For a hundred bucks or so, I can take a mail-order test in the privacy of my home to see if I have Native American ancestry, African ancestry or Jewish ancestry, including whether I have the Cohanim gene.

Think of the implications of this. We can identify specific genetic markers that can be used to distinguish members of various human sub-populations. But this ability can be used for good or bad. Put it altogether and think evil. No, even more evil than that. Think Ultimate Evil.  Unleash the demons of biological warfare.  What in principle prevents one from creating a biological organism which targets a specific human sub-population based on their genetics? For example, a targeted virus which would attack everyone of European ancestry, but would have no effect on the Chinese?

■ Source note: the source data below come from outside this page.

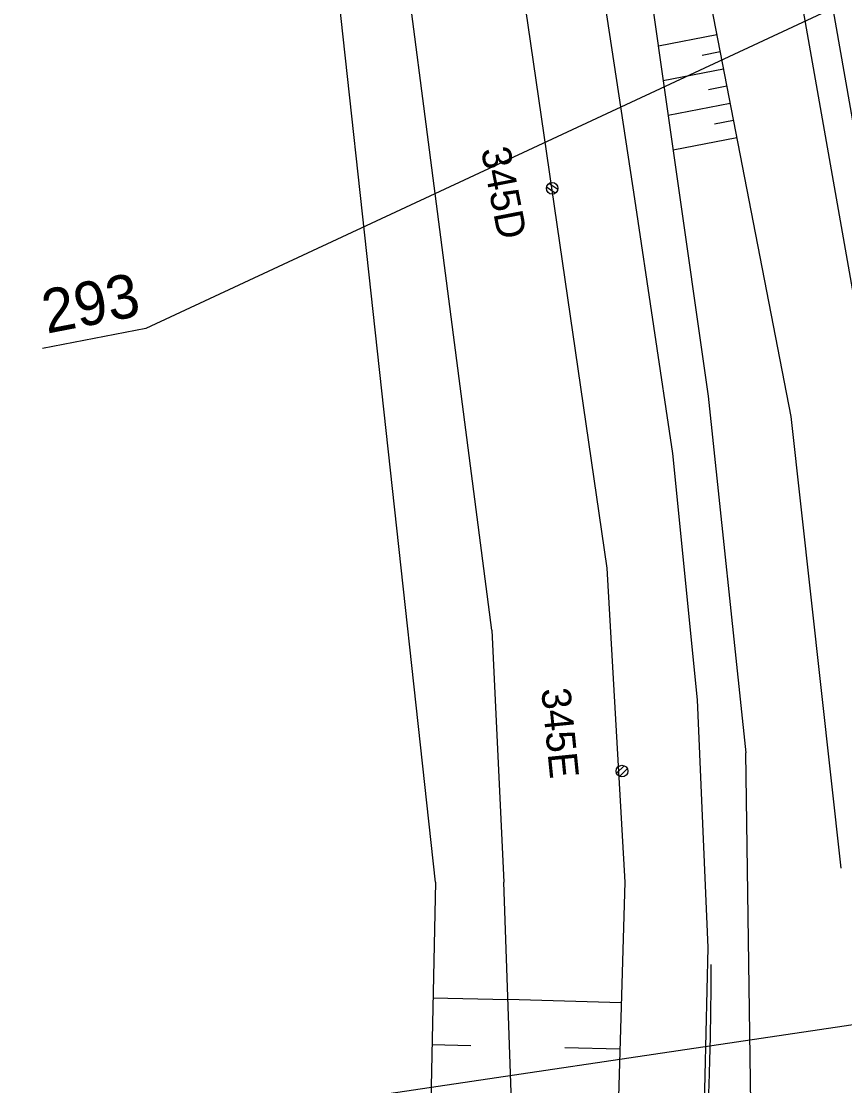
# Model space of a CAD drawing. Extents: x -545846 to -545044, y -1122650 to -1119108.
# Drawn here: x -545674.1 to -545638.75, y -1119708.74 to -1119663.02 of the extents above; entities that cross this region are included whole.
import ezdxf

# ---------------------------------------------------------------- set-up
doc = ezdxf.new("R2010")
doc.units = 0
for name, color, linetype in [('so180602', 7, 'Continuous'), ('Vrstva 1 - Koleje', 7, 'Continuous'), ('Vrstva 11', 7, 'Continuous'), ('Vrstva 35', 7, 'Continuous'), ('Vrstva 44', 7, 'Continuous'), ('Vrstva 48', 7, 'Continuous'), ('Vrstva 49', 7, 'Continuous'), ('Vrstva 62', 7, 'Continuous'), ('Vrstva 63', 7, 'Continuous')]:
    doc.layers.add(name, color=color, linetype=linetype)

msp = doc.modelspace()

# ---------------------------------------------------------------- linework, layer by layer
at = {"layer": 'Vrstva 1 - Koleje'}
msp.add_lwpolyline([(-545673.811, -1119482.836), (-545671.313, -1119495.675), (-545669.505, -1119504.975), (-545667.947, -1119513.018), (-545662.4, -1119541.424), (-545660.697, -1119551.332), (-545659.275, -1119561.505), (-545658.148, -1119572.104), (-545657.527, -1119582.463), (-545657.339, -1119589.06), (-545656.945, -1119598.604), (-545656.274, -1119608.583), (-545655.31, -1119618.93), (-545654.021, -1119629.341), (-545652.534, -1119639.322), (-545651.124, -1119648.586), (-545649.453, -1119659.616), (-545647.771, -1119670.646), (-545646.146, -1119681.578), (-545645.086, -1119692.159), (-545644.623, -1119702.795), (-545644.886, -1119713.798)], dxfattribs=at)
at = {"layer": 'Vrstva 11'}
for p, q in [((-545651.177, -1119670.399), (-545651.555, -1119670.144)), ((-545651.069, -1119670.245), (-545651.453, -1119669.986)), ((-545648.544, -1119695.314), (-545648.221, -1119694.991)), ((-545648.414, -1119695.449), (-545648.087, -1119695.122))]:
    msp.add_line(p, q, dxfattribs=at)
for centre in [(-545651.311, -1119670.19), (-545648.314, -1119695.222)]:
    msp.add_circle(centre, 0.25, dxfattribs=at)
at = {"layer": 'Vrstva 35'}
msp.add_line((-545634.944, -1119687.133), (-545642.159, -1119645.823), dxfattribs=at)
at = {"layer": 'Vrstva 44'}
msp.add_lwpolyline([(-545654.9, -1119582.222), (-545645.965, -1119631.818), (-545637.145, -1119681.816), (-545629.836, -1119730.566), (-545626.416, -1119761.521), (-545622.849, -1119813.009), (-545619.592, -1119863.304), (-545618.858, -1119914.175), (-545618.881, -1119950.565), (-545618.715, -1119963.415), (-545629.02, -1119997.179)], dxfattribs=at)
at = {"layer": 'Vrstva 48'}
for p, q in [((-545644.249, -1119663.598), (-545646.753, -1119664.085)), ((-545644.106, -1119664.334), (-545644.868, -1119664.482)), ((-545643.962, -1119665.07), (-545646.541, -1119665.571)), ((-545643.819, -1119665.806), (-545644.604, -1119665.959)), ((-545643.676, -1119666.543), (-545646.329, -1119667.058)), ((-545643.533, -1119667.279), (-545644.34, -1119667.436)), ((-545643.39, -1119668.015), (-545646.117, -1119668.545))]:
    msp.add_line(p, q, dxfattribs=at)
at = {"layer": 'Vrstva 49'}
for points in [[(-545655.117, -1119579.257), (-545655.465, -1119586.681), (-545654.728, -1119601.362), (-545652.589, -1119621.359), (-545650.163, -1119640.071), (-545647.474, -1119659.033), (-545644.608, -1119679.124), (-545643.003, -1119694.436)], [(-545655.117, -1119579.257), (-545654.637, -1119587.147), (-545653.079, -1119601.278), (-545650.95, -1119621.407), (-545647.998, -1119639.764), (-545644.487, -1119662.372), (-545641.063, -1119679.985), (-545638.92, -1119699.386)]]:
    msp.add_lwpolyline(points, dxfattribs=at)
at = {"layer": 'Vrstva 62'}
for points in [[(-545656.326, -1119699.999), (-545660.928, -1119657.766), (-545665.632, -1119629.539)], [(-545653.904, -1119689.166), (-545660.218, -1119640.504), (-545661.63, -1119631.691)], [(-545657.384, -1119632.351), (-545652.8, -1119660.112), (-545648.962, -1119686.501), (-545648.197, -1119699.999)], [(-545653.904, -1119689.166), (-545653.904, -1119689.166), (-545653.383, -1119700)], [(-545642.712, -1119714.53), (-545643.003, -1119694.436)], [(-545656.326, -1119699.999), (-545656.734, -1119719.569), (-545658.021, -1119735.223), (-545653.481, -1119739.41)], [(-545653.017, -1119735.395), (-545654.895, -1119731.229), (-545653.499, -1119723.26), (-545652.925, -1119713.134), (-545653.383, -1119700)], [(-545648.197, -1119699.999), (-545648.722, -1119717.969), (-545650.953, -1119731.732)], [(-545656.43, -1119704.968), (-545653.208, -1119705.035)], [(-545648.348, -1119705.173), (-545653.208, -1119705.031)], [(-545656.471, -1119706.968), (-545654.805, -1119707.003)], [(-545648.406, -1119707.173), (-545650.772, -1119707.104)]]:
    msp.add_lwpolyline(points, dxfattribs=at)
msp.add_arc((-545814.75, -1119703.119), 170.27, 337.66582, 359.86231, dxfattribs=at)
at = {"layer": 'Vrstva 63'}
for p, q in [((-545584.143, -1119636.743), (-545668.751, -1119676.21)), ((-545668.751, -1119676.21), (-545673.195, -1119677.074)), ((-545629.158, -1119704.744), (-545685.803, -1119713.163))]:
    msp.add_line(p, q, dxfattribs=at)

# ---------------------------------------------------------------- texts
at = {"layer": 'so180602'}
msp.add_text('293', height=1.875, rotation=10.9955, dxfattribs=at).set_placement((-545673.007, -1119676.438))
at = {"layer": 'Vrstva 11'}
for s, rotation, p in [('345D', 281.0564, (-545654.372, -1119668.532)), ('345E', 275.7106, (-545651.783, -1119691.701))]:
    msp.add_text(s, height=1.25, rotation=rotation, dxfattribs=at).set_placement(p)

doc.saveas('drawing.dxf')

The genocidal implications of this are enormous.

Churchill spoke of the danger of losing WWII and how we could “sink into the abyss of a new Dark Age made more sinister, and perhaps more protracted, by the lights of perverted science.” Certainly there is no shortage of ways to destroy the entire world with germs, with bombs, with climate changes, with microscopic blackholes, etc. Our inability to prevent such destructions proves that Man is foolish. But our ability to destroy a fraction of our word, in a clinically targetted, racially motivated way — that may prove that Man is Evil, and that is my most dangerous idea.